■ **What is expected**
State how many lines of the records contain the string "import", and give no other information.
======== Input data
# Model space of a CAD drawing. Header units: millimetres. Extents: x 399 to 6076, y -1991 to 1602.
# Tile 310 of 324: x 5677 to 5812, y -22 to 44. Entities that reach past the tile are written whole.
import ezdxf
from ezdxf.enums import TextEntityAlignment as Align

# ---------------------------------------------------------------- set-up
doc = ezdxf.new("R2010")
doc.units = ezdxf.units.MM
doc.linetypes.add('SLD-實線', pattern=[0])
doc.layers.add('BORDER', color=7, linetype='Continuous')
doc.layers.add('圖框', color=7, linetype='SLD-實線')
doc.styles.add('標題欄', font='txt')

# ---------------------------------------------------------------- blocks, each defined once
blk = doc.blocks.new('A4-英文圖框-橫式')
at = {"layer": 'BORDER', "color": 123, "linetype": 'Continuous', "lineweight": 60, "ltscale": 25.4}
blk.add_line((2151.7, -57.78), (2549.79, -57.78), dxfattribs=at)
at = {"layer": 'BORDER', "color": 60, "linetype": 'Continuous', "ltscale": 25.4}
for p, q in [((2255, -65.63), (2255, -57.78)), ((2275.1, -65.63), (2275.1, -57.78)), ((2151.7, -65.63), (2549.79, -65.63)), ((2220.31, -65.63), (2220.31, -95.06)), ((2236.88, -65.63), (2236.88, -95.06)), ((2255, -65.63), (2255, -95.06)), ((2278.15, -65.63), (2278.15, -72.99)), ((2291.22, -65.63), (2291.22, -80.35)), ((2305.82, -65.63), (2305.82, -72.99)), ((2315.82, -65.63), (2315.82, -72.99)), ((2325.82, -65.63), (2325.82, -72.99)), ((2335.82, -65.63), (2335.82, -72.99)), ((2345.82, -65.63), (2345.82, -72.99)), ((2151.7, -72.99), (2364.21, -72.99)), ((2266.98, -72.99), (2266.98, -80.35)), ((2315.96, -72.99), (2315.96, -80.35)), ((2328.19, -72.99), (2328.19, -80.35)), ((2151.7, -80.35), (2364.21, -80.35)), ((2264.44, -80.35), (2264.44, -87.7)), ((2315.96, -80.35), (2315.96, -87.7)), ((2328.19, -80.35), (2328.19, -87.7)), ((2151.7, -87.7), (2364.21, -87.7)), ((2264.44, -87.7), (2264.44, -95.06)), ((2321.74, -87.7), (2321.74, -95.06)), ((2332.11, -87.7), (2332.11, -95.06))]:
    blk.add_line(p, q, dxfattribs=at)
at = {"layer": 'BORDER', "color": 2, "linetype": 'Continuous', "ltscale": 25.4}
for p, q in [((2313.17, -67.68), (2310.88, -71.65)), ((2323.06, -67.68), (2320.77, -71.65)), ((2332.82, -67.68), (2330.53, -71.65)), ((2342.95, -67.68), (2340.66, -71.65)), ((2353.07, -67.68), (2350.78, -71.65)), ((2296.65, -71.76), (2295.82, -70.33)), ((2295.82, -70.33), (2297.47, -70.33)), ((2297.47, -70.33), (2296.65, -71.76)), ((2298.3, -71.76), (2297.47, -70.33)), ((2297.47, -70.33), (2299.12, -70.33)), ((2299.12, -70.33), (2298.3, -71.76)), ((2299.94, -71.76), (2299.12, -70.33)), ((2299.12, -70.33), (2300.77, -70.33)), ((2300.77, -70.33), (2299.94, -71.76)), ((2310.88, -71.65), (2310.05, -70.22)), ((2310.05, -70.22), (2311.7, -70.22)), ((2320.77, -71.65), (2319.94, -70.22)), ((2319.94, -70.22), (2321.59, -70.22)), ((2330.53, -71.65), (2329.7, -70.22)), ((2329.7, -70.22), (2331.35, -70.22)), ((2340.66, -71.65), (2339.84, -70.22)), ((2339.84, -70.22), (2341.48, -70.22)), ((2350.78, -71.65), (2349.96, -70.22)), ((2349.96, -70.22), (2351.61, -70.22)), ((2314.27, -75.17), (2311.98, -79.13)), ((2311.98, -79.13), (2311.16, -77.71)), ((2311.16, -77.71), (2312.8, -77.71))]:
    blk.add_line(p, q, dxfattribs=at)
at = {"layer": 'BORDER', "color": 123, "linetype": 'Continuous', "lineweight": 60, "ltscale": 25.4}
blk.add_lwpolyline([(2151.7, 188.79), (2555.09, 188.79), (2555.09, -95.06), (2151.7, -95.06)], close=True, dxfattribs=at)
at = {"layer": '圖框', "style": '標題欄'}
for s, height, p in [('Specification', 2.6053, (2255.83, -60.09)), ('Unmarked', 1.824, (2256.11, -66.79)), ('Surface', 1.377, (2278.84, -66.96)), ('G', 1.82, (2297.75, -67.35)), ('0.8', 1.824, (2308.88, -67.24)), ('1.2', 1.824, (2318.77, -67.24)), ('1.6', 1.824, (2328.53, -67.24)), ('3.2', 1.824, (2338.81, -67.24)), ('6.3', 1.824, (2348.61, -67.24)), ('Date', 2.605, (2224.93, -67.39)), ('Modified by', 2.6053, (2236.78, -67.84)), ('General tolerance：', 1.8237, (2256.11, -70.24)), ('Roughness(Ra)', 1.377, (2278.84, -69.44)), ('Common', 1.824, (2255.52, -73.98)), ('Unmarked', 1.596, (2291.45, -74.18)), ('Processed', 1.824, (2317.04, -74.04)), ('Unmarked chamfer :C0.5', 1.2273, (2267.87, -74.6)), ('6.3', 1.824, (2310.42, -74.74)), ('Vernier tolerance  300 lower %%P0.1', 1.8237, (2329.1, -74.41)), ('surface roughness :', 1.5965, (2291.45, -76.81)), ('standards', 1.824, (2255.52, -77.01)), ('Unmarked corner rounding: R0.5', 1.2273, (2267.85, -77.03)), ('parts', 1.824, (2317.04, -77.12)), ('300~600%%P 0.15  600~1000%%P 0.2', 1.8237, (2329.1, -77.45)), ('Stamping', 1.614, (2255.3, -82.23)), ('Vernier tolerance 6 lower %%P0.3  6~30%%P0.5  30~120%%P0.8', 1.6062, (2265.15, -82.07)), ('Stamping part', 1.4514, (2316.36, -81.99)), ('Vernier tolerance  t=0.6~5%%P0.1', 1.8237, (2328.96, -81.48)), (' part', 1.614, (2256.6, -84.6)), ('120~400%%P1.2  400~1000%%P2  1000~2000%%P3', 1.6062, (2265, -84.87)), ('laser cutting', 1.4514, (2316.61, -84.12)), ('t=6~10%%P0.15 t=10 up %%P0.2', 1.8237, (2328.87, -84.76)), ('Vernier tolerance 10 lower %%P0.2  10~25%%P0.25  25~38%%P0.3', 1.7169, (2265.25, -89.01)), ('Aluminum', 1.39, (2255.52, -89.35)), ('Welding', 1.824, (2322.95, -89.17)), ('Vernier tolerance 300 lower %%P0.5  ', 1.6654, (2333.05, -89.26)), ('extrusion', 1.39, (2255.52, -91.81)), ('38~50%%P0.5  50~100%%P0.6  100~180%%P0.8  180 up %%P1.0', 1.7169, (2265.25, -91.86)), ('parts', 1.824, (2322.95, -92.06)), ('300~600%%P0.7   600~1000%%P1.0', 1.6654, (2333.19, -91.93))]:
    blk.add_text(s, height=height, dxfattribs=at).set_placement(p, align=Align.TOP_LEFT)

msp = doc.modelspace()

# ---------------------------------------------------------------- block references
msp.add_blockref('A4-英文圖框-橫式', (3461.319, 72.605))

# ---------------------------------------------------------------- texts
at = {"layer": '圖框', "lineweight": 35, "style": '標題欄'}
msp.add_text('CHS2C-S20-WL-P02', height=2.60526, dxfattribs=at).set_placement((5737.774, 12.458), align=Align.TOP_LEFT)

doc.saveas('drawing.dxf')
================
■ **Task answer**
2